The object-processing means may be configured for generating at
least one piece of personalized information for the object based on
at least the stored signature and on the at least one indication
and delivering the at least one piece of personalized information
to the device. The device-processing means may be furthermore
configured for carrying out at least one determination of the
signature based on at least the one piece of personalized
information and on the at least one indication and carrying out at
least one verification of the signature.
[0039] The device-processing means may comprise a generator
configured for generating the at least one indication during the
authentication. The generator may comprise a pseudo-random or
random numbers generator, with the at least one indication
comprising a pseudo-random or random number.
[0040] The device-processing means may be configured for
communicating to the object several different indications
associated with the object during an authentication of the object
by the device. The object-processing means may be configured for
generating several pieces of personalized information for the
object based on the stored signature and on the several different
indications, and delivering these pieces of personalized
information to the device. The device-processing means may be
furthermore configured for performing several determinations of the
signature (SGN) respectively using the several pieces of
personalized information and the corresponding indications.
[0041] The device-processing means may be configured for carrying
out a pre-verification of the equality of the signatures
determined, and in the case of equality, a verification of one of
the signatures determined. The device-processing means may be
configured for carrying out a verification of each of the
signatures determined.
[0042] The object-processing means may comprise a masking operator
configured for carrying out at least one masking of the signature
using the indication so as to generate the at least one piece of
personalized information. The device-processing means may comprise
a de-masking operator associated with the masking operator
configured for carrying out at least one de-masking of the at least
one masked signature by the at least one indication so as to carry
out at least one determination of the signature.
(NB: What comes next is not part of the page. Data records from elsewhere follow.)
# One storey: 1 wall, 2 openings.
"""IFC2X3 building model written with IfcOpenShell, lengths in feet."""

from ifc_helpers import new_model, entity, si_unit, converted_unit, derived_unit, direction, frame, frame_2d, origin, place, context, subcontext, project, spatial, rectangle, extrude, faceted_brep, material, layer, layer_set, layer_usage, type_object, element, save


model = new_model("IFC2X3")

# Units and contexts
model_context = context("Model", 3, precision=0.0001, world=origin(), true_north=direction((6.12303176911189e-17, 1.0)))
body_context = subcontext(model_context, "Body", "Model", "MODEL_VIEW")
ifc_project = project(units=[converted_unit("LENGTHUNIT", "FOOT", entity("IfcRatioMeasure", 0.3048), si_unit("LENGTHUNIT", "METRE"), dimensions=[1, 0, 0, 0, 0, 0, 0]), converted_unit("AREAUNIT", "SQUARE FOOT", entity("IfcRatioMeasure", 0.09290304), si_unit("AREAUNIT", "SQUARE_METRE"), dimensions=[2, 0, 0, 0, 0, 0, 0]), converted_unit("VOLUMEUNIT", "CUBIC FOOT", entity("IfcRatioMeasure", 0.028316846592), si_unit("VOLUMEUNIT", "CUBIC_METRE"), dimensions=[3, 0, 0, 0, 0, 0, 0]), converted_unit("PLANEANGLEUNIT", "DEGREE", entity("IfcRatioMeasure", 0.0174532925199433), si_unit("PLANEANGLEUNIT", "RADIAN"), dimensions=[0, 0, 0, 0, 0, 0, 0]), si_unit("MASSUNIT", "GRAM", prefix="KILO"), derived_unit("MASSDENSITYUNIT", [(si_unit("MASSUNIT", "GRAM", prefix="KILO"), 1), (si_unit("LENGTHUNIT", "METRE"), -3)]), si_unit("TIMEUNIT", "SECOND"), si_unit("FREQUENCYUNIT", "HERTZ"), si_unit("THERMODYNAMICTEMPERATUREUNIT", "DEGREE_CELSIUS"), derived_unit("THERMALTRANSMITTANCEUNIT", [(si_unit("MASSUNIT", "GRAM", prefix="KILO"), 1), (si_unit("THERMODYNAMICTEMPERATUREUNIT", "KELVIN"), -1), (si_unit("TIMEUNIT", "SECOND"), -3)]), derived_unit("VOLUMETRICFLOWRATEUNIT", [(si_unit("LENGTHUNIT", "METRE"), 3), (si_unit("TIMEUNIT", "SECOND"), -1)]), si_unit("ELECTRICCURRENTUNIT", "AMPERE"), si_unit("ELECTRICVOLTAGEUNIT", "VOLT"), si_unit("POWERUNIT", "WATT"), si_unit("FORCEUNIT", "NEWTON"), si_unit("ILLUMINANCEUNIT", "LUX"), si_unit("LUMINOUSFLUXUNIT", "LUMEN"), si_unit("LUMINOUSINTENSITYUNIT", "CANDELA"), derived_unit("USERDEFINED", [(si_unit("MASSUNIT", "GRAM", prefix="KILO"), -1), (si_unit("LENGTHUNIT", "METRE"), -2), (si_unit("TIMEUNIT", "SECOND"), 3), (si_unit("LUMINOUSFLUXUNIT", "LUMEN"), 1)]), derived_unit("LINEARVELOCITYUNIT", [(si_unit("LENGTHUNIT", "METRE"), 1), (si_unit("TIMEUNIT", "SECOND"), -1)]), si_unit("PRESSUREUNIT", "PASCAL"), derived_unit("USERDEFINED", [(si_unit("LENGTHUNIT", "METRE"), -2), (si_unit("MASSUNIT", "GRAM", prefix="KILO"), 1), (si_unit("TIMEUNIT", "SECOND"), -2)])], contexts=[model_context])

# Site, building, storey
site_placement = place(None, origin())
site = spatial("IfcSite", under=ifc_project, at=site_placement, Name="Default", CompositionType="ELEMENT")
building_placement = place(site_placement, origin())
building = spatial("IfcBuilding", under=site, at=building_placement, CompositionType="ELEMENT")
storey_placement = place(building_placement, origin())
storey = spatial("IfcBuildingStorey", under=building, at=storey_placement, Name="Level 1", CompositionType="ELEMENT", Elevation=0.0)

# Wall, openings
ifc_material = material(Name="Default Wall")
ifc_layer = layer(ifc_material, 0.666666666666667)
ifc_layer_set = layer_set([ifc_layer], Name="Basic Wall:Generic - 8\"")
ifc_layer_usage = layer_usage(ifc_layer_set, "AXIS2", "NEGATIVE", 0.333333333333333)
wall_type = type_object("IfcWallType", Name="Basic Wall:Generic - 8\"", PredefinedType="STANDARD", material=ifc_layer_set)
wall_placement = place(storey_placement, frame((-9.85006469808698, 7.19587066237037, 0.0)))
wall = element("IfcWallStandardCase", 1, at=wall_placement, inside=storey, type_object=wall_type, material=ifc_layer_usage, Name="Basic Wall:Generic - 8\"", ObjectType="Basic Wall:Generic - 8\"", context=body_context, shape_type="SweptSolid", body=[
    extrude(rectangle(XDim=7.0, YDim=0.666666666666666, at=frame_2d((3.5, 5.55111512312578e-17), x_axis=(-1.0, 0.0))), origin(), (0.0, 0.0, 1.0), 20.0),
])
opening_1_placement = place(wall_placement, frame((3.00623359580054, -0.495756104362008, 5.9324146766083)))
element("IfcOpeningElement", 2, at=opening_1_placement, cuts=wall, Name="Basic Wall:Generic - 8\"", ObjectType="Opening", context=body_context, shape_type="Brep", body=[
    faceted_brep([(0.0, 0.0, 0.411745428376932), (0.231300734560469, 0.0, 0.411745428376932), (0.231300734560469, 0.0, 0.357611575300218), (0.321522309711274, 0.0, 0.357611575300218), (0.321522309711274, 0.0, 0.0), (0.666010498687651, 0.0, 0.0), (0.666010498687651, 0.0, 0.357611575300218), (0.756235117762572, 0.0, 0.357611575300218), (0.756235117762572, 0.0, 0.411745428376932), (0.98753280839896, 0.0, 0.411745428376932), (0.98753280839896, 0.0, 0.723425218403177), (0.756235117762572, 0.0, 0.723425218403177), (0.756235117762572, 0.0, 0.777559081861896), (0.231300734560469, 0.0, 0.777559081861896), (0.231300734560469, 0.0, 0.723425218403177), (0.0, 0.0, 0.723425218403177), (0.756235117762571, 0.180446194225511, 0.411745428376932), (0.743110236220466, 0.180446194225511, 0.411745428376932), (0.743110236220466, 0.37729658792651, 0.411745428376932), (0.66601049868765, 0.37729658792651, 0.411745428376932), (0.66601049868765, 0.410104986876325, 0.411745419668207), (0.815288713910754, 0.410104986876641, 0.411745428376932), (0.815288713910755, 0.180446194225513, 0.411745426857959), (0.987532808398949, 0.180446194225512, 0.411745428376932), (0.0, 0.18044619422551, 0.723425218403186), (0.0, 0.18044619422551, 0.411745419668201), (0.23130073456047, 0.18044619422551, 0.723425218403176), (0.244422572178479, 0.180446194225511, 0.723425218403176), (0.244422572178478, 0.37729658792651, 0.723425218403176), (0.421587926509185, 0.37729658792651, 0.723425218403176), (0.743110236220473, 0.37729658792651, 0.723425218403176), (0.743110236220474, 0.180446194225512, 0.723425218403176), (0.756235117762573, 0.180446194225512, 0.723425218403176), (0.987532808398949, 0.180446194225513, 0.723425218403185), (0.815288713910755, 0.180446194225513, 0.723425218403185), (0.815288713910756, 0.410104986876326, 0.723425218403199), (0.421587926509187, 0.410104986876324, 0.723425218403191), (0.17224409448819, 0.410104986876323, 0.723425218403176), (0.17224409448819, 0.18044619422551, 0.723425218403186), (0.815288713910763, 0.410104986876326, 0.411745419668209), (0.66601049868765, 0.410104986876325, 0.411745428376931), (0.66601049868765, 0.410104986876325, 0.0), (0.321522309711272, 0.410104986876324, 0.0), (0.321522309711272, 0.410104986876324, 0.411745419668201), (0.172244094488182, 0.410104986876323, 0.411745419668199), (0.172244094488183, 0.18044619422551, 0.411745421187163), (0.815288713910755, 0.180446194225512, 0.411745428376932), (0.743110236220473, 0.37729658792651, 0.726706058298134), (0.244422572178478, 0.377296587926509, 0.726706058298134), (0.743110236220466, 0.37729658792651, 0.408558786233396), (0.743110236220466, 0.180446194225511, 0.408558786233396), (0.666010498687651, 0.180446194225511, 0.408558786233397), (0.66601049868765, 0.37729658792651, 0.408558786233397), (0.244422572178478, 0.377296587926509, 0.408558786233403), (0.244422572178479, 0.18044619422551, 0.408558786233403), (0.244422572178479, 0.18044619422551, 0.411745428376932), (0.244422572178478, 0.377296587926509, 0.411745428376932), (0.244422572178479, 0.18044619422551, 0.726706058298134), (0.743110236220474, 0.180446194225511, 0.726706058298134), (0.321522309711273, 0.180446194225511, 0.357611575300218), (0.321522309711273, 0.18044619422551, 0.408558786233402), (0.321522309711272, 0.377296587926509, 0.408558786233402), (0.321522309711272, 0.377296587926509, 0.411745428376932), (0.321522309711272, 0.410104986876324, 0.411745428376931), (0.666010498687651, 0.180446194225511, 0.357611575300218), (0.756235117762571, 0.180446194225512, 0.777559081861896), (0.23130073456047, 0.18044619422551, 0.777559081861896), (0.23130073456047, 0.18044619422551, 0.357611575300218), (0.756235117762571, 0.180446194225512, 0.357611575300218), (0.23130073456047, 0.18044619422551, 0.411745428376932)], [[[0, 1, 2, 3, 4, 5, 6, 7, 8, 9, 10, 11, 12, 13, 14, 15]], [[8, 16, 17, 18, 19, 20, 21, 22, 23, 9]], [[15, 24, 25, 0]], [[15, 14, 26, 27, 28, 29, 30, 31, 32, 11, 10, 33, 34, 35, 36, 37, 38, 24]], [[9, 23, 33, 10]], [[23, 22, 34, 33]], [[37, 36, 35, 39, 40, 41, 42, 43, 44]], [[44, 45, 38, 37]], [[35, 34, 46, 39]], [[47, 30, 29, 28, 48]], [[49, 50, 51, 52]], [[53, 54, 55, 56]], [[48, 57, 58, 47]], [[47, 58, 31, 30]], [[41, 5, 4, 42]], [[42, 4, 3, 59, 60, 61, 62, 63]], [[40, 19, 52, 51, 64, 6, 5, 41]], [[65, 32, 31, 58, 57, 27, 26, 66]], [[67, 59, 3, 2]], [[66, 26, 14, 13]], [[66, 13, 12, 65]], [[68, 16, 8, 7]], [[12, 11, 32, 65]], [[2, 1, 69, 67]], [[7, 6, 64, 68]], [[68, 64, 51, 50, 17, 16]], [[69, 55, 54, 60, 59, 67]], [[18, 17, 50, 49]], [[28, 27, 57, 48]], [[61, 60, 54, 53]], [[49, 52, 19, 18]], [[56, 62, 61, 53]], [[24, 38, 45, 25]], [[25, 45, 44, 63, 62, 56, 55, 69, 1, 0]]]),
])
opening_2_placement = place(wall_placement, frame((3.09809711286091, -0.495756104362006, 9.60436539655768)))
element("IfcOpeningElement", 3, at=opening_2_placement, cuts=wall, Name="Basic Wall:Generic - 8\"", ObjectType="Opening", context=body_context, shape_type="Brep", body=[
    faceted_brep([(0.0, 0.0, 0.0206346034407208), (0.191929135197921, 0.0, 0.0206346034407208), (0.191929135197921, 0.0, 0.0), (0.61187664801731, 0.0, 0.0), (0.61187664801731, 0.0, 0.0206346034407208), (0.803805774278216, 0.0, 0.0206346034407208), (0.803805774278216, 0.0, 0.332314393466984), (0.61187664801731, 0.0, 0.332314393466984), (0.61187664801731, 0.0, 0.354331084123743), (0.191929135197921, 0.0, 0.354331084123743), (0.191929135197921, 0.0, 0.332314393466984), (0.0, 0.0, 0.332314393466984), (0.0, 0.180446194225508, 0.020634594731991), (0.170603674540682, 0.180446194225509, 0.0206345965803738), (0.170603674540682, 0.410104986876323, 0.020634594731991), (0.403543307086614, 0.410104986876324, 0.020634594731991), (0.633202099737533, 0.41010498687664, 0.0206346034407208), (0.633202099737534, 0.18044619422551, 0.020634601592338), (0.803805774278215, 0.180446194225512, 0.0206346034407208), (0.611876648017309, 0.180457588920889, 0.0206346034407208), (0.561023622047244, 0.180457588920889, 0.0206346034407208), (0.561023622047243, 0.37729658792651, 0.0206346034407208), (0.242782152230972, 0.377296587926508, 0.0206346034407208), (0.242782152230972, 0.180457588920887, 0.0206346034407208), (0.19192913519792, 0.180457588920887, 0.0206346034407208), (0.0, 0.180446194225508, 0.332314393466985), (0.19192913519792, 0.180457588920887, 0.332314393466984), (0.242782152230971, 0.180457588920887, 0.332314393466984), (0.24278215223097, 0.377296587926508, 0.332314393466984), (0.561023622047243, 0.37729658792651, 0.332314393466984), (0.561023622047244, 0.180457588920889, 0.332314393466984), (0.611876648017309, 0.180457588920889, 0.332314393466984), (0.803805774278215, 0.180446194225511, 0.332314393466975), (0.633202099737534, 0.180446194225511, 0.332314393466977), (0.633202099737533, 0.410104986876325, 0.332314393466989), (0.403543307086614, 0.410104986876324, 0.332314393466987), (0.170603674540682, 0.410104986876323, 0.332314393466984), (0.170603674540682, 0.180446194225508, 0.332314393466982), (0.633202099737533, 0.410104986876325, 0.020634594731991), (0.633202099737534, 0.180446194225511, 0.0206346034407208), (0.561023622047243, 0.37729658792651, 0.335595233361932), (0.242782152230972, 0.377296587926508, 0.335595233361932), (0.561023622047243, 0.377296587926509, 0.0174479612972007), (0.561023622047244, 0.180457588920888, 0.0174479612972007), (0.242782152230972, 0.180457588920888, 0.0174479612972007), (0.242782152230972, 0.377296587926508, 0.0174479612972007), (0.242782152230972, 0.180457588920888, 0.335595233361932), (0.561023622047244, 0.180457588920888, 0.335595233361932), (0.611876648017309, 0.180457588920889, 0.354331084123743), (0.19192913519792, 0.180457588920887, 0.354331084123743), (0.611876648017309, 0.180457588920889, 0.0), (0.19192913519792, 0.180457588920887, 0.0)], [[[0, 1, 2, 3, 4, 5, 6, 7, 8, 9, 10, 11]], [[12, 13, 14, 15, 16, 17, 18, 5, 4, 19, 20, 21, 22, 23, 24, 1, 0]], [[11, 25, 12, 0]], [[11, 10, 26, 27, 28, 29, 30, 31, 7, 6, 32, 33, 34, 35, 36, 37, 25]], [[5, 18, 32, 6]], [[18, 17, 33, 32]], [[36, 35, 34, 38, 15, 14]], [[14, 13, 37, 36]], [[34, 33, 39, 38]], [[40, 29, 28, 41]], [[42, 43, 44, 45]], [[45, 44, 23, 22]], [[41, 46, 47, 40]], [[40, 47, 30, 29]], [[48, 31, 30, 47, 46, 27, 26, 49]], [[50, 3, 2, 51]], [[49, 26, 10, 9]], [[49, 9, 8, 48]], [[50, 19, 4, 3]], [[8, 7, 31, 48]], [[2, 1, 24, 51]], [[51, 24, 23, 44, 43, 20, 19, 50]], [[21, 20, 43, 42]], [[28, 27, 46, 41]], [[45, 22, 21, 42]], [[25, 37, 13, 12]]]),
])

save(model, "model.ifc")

[0043] The stored signature may result from an encryption of at
least one object-identifier of the object with a private key of an
asymmetric encryption/decryption algorithm. The object-processing
means may be configured for communicating to the device the at
least one object-identifier. The device-processing means may
comprise means of verification of the signature comprising the
encryption/decryption algorithm capable of carrying out a
decryption of the at least one encrypted object-identifier by the
public key, and comparison means or a comparator designed to carry
out a comparison of the result of the decryption with the at least
one object-identifier having been communicated to the device by the
object.
[0044] The system may furthermore comprise a third-party entity
capable of generating the pair of public and private keys, making
the public key available to the device, generating the signature
and storing it in the object.
[0045] The third-party entity may be configured for generating the
signature by an encryption of the object-identifier and of a
device-identifier associated with the device with the private key
of the asymmetric encryption/decryption algorithm. The
encryption/decryption algorithm of the means of verification may be
capable of decrypting the object-identifier and the encrypted
device-identifier by the public key. The comparison means may be
designed to carry out a comparison of the result of the decryption
with the device-identifier, and with the object-identifier having
been communicated to the device by the object.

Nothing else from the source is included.